Additionally, as the crypto market gradually moves toward the mainstream, the U.S.'s lenient crypto policy environment has also sparked optimistic sentiments about the overall industry development, including altcoins. According to previous reports by PANews, the recent unveiling of Trump's new government member list has gradually come to light, with many openly expressing a friendly attitude toward cryptocurrencies, which may bring more positive policy expectations for the industry. Notably, the upcoming departure of Gary Gensler, the chairman of the U.S. SEC, is seen as potentially providing more space for the further development of the crypto industry. It is particularly worth mentioning that with ETF applications for currencies such as Solana, XRP, and LTC, market expectations are rising.

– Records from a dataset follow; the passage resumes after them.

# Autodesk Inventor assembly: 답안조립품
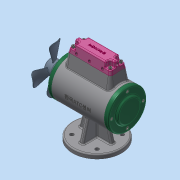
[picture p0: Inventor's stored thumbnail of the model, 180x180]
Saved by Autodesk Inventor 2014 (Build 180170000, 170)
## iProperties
Created: 2023-01
Part Number: 답안조립품
Document SubType Name: Assembly
Designer: dg
Author: dg
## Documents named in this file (19)
- C:\Users\dg\Desktop\630106V1019\답안조립품.iam
- C:\Users\dg\Desktop\630106V1019\본체.ipt
- C:\Users\dg\Desktop\630106V1019\가변스프링.ipt
- C:\Users\dg\Desktop\630106V1019\뒤커버.ipt
- C:\Users\dg\Desktop\630106V1019\멈춤나사 M4 x 8.ipt
- C:\Users\dg\Desktop\630106V1019\베어링 6203.ipt
- C:\Users\dg\Desktop\630106V1019\볼트 M4 x 12.ipt
- C:\Users\dg\Desktop\630106V1019\볼트 M4 x 16.ipt
- C:\Users\dg\Desktop\630106V1019\부시.ipt
- C:\Users\dg\Desktop\630106V1019\슬라이드.ipt
- C:\Users\dg\Desktop\630106V1019\앞커버.ipt
- C:\Users\dg\Desktop\630106V1019\오일실 17 30 8.ipt
- C:\Users\dg\Desktop\630106V1019\축.ipt
- C:\Users\dg\Desktop\630106V1019\키 5 x 5 x 18.ipt
- C:\Users\dg\Desktop\630106V1019\팬날개.ipt
- 팬날개.ipt
- C:\Users\dg\Desktop\630106V1019\헤더커버.ipt
- C:\Users\dg\Desktop\630106V1019\가변스프링2.ipt
- C:\Users\dg\Desktop\630106V1019\가변스프링3.ipt
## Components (4 placed, 4 different names)
1. 가변스프링:1
2. 헤더커버:1
3. 가변스프링2:1
4. 가변스프링3:1
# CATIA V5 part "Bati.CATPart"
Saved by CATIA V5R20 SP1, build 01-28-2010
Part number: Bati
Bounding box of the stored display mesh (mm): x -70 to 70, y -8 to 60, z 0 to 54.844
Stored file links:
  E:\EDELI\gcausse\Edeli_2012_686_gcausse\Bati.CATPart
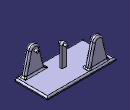
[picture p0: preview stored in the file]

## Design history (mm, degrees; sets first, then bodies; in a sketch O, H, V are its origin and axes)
Body1 (main body)
  Sketch1 on xy-plane, origin (0, 0, 0), H (1, 0, 0), V (0, 1, 0)
    line L1 (-70, 60) -> (70, 60)
    line L2 (70, 60) -> (70, -20)
    line L3 (70, -20) -> (-70, -20)
    line L4 (-70, -20) -> (-70, 60)
    distance L1 L3 = 80
    distance L3 H = 20
    horizontal: L1 H, L3 H
    vertical: L2 V, L4 V
  Pad1: profile Sketch1, direction (0, 0, 1), length 5
  Sketch2 on end face of Pad1, origin (0, 0, 5), H (1, 0, 0), V (0, 1, 0)
    line L1 (-60, 5) -> (60, 5)
    line L2 (60, 5) -> (60, -5)
    line L3 (60, -5) -> (-60, -5)
    line L4 (-60, -5) -> (-60, 5)
    reference projected line E1 (70, 60) -> (-70, 60) from edge [face of Pad1 from Sketch1.L1 | end face of Pad1]
    distance L1 E1 = 55
    distance L3 L1 = 10
    horizontal: L1 H, L3 H
    vertical: L2 V, L4 V
  Pad2: profile Sketch2, direction (0, 0, 1), length 60
  Sketch3 on face of Pad2 from Sketch2.L1, origin (0, 5, 0), H (-1, 0, 0), V (0, 0, 1)
    point P1 (-60, 5)
    line L1 (-60, 5) -> (-49.7178, 47.3589)
    arc A1 centre (-40, 45) radius 10 from (-49.7178, 47.3589) to (-30.3407, 47.5882) cw
    point P3 (-40, 45)
    line L2 (-30.3407, 47.5882) -> (-25, 27.6563)
    point P5 (-25, 27.6563)
    point P6 (25, 27.6563)
    point P7 (40, 45)
    line L3 (60, 5) -> (60, 99.8515)
    line L4 (60, 99.8515) -> (-60, 99.8515)
    line L5 (-60, 99.8515) -> (-60, 5)
    reference projected line E1 (60, 5) -> (60, 65) from edge [face of Pad2 from Sketch2.L4 | face of Pad2 from Sketch2.L1]
    reference projected line E2 (-60, 65) -> (60, 65) from edge [face of Pad2 from Sketch2.L1 | end face of Pad2]
    reference projected line E3 (-60, 65) -> (60, 65) from edge [face of Pad2 from Sketch2.L1 | end face of Pad2]
    reference projected line E4 (-60, 5) -> (-60, 65) from edge [face of Pad2 from Sketch2.L1 | face of Pad2 from Sketch2.L2]
    line L6 (-25, 27.6563) -> (-18.9293, 5)
    line L7 (-18.9293, 5) -> (60, 5)
    reference projected line E5 (-60, 5) -> (60, 5) from edge [end face of Pad1 | face of Pad2 from Sketch2.L1]
    reference projected line E6 (-60, 5) -> (60, 5) from edge [end face of Pad1 | face of Pad2 from Sketch2.L1]
    distance P5 L5 = 35
    distance P3 E2 = 20
    distance P7 E3 = 20
    radius A1 = 10
    distance P3 P7 = 80
    distance E5 P1 = 0
    distance L7 E6 = 0
    tangency: A1 L1, L2 A1, L6 A1
    vertical: L3 V, L5 V
    horizontal: L4 H, L7 H
    coincidence: E1 L3, L5 E4
  Pocket1: profile Sketch3, direction (0, -1, 0), length 10
  Sketch4 on face of Pad1, origin (0, 0, 5), H (1, 0, 0), V (0, 1, 0)
    line L1 (-60, 55) -> (-20, 55)
    line L2 (-20, 55) -> (-20, 45)
    line L3 (-20, 45) -> (-60, 45)
    line L4 (-60, 45) -> (-60, 55)
    reference projected line E1 (70, 60) -> (-70, 60) from edge [face of Pad1 from Sketch1.L1 | end face of Pad1]
    distance L3 E1 = 15
    horizontal: L1 H, L3 H
    vertical: L2 V, L4 V
  Pad3: profile Sketch4, direction (0, 0, 1), length 60
  Sketch5 on face of Pad3 from Sketch4.L3, origin (0, 45, 0), H (1, 0, 0), V (0, 0, 1)
    point P1 (-60, 5)
    line L1 (-60, 5) -> (-49.7178, 47.3589)
    arc A1 centre (-40, 45) radius 10 from (-49.7178, 47.3589) to (-30.2822, 47.3589) cw
    point P3 (-40, 45)
    line L2 (-30.2822, 47.3589) -> (-20, 5)
    point P5 (-20, 5)
    line L3 (-20, 5) -> (-20, 75)
    line L4 (-20, 75) -> (-60, 75)
    line L5 (-60, 75) -> (-60, 5)
    reference projected line E1 (-60, 5) -> (-20, 5) from edge [face of Pad1 | face of Pad3 from Sketch4.L3]
    reference projected point E2 (-20, 5) from vertex [face of Pad3 from Sketch4.L2 | face of Pad1 | face of Pad3 from Sketch4.L3]
    reference projected point E3 (-60, 5) from vertex [face of Pad3 from Sketch4.L3 | face of Pad1 | face of Pad3 from Sketch4.L4]
    radius A1 = 10
    distance P3 E1 = 40
    tangency: A1 L1, L2 A1
    vertical: L3 V, L5 V
    horizontal: L4 H
    coincidence: P5 E2, P1 E3
    equidistance: L3 L5 P3
  Pocket2: profile Sketch5, direction (0, 1, 0), length 60
  Fillet1: radius 3, on face of Pocket2 from Sketch5.L1
  Fillet2: radius 3, on edge [face of Pocket1 | face of Pad2 from Sketch2.L3]
  Fillet3: radius 3, on face of Pocket1
  Fillet4: radius 3, on edge [face of Pad2 from Sketch2.L1 | face of Pocket1 from Sketch3.L1]
  Sketch6 on face of Pad3 from Sketch4.L3, origin (0, 45, 0), H (1, 0, 0), V (0, 0, 1)
    circle A1 centre (-40, 45) radius 2.5
    reference projected point E1 (-40, 45) from axis of face of Pocket2 from Sketch5.A1
    radius A1 = 2.5
    concentricity: A1 E1
  Pad4: profile Sketch6, direction (0, -1, 0), length 5
  Sketch7 on face of Pocket1, origin (0, 0, 5), H (1, 0, 0), V (0, 1, 0)
    line L1 (-5, 25) -> (5, 25)
    line L2 (5, 25) -> (5, 20)
    line L3 (5, 20) -> (-5, 20)
    line L4 (-5, 20) -> (-5, 25)
    reference projected line E1 (-70, -20) -> (70, -20) from edge [face of Pad1 from Sketch1.L3 | face of Fillet3]
    reference projected line E2 (70, -20) -> (70, 60) from edge [face of Pad1 from Sketch1.L2 | face of Fillet3]
    distance L1 L3 = 5
    distance L3 E1 = 40
    distance L4 L2 = 10
    distance L2 E2 = 65
    horizontal: L1 H, L3 H
    vertical: L2 V, L4 V
  Pad5: profile Sketch7, direction (0, 0, 1), length 50
  Sketch8 on face of Pad5 from Sketch7.L1, origin (0, 25, 0), H (-1, 0, 0), V (0, 0, 1)
    point P1 (-5, 5)
    line L1 (-5, 5) -> (-5, 45)
    arc A1 centre (0, 45) radius 5 from (-5, 45) to (5, 45) cw
    point P3 (0, 45)
    line L2 (5, 45) -> (5, 5)
    point P5 (5, 5)
    line L3 (5, 5) -> (5, 65)
    line L4 (5, 65) -> (-5, 65)
    point P7 (-5, 65)
    line L5 (-5, 65) -> (-5, 5)
    reference projected point E1 (-5, 5) from vertex [face of Pad5 from Sketch7.L2 | face of Pocket1 | face of Pad5 from Sketch7.L1]
    reference projected point E2 (5, 5) from vertex [face of Pad5 from Sketch7.L1 | face of Pocket1 | face of Pad5 from Sketch7.L4]
    reference projected line E3 (-5, 5) -> (5, 5) from edge [face of Pocket1 | face of Pad5 from Sketch7.L1]
    distance P3 E3 = 40
    vertical: L1 V, L5 V
    tangency: A1 L1, L2 A1, L3 A1
    coincidence: P7 L1, P1 E1, P5 E2
    horizontal: L4 H
  Pocket3: profile Sketch8, direction (0, -1, 0), length 50
  Sketch9 on face of Pad5 from Sketch7.L1, origin (0, 25, 0), H (-1, 0, 0), V (0, 0, 1)
    circle A1 centre (0, 45) radius 2.5
    reference projected arc E1 centre (0, 45) radius 5 from (5, 45) to (-5, 45) ccw from edge [face of Pad5 from Sketch7.L1 | face of Pocket3 from Sketch8.A1]
    reference projected arc E2 centre (0, 45) radius 5 from (5, 45) to (-5, 45) ccw from edge [face of Pad5 from Sketch7.L1 | face of Pocket3 from Sketch8.A1]
    radius A1 = 2.5
    radius E2 = 5 (reference)
    concentricity: A1 E1
  Pad6: profile Sketch9, direction (0, 1, 0), length 5, opposite side length 10
  DatumCurve1
  Sketch10 on face of Pad2 from Sketch2.L1, origin (0, 5, 0), H (-1, 0, 0), V (0, 0, 1)
    circle A1 centre (-40, 45) radius 2.5
    reference projected arc E1 centre (-40, 45) radius 7 from (-33.5888, 42.1899) to (-42.9404, 38.6475) ccw from edge of DatumCurve1
    reference projected arc E2 centre (-40, 45) radius 7 from (-33.5888, 42.1899) to (-42.9404, 38.6475) ccw from edge of DatumCurve1
    radius A1 = 2.5
    radius E2 = 7 (reference)
    concentricity: A1 E1
  Pad7: profile Sketch10, direction (0, 1, 0), length 5
  Sketch11 on face of Pocket1, origin (0, 0, 5), H (1, 0, 0), V (0, 1, 0)
    line L1 (-100, -8) -> (100, -8)
    line L2 (100, -8) -> (100, -28)
    line L3 (100, -28) -> (-100, -28)
    line L4 (-100, -28) -> (-100, -8)
    reference projected line E1 (56.1847, -8) -> (22.8389, -8) from edge [face of Fillet3 | face of Pocket1]
    horizontal: L1 H, L3 H
    vertical: L2 V, L4 V
    coincidence: L1 E1
  Pocket4: profile Sketch11, direction (0, 0, -1), length 5
  Fillet5: radius 3, on edge [face of Pocket1 | face of Pocket4 from Sketch11.L1] (x2); edge [face of Fillet3 | face of Pocket4 from Sketch11.L1]

However, CryptoQuant CEO Ki Young Ju also noted that compared to the last bull market, the current rise in Bitcoin is primarily driven by institutional investors and spot ETF demand, which are different from users of cryptocurrency exchanges and are not inclined to shift assets from Bitcoin to altcoins. At the same time, since institutional investors mainly operate outside exchanges, asset rotation becomes less likely. While institutions may allocate mainstream altcoins through investment tools like ETFs, small-cap altcoins still rely on retail users on exchanges. For altcoins to reach new highs in total market capitalization, a significant influx of new funds into exchanges is needed, but the current levels are below historical highs, indicating reduced liquidity brought by new users. Therefore, altcoin projects should focus on developing independent strategies to attract new funds rather than relying on the momentum brought by Bitcoin.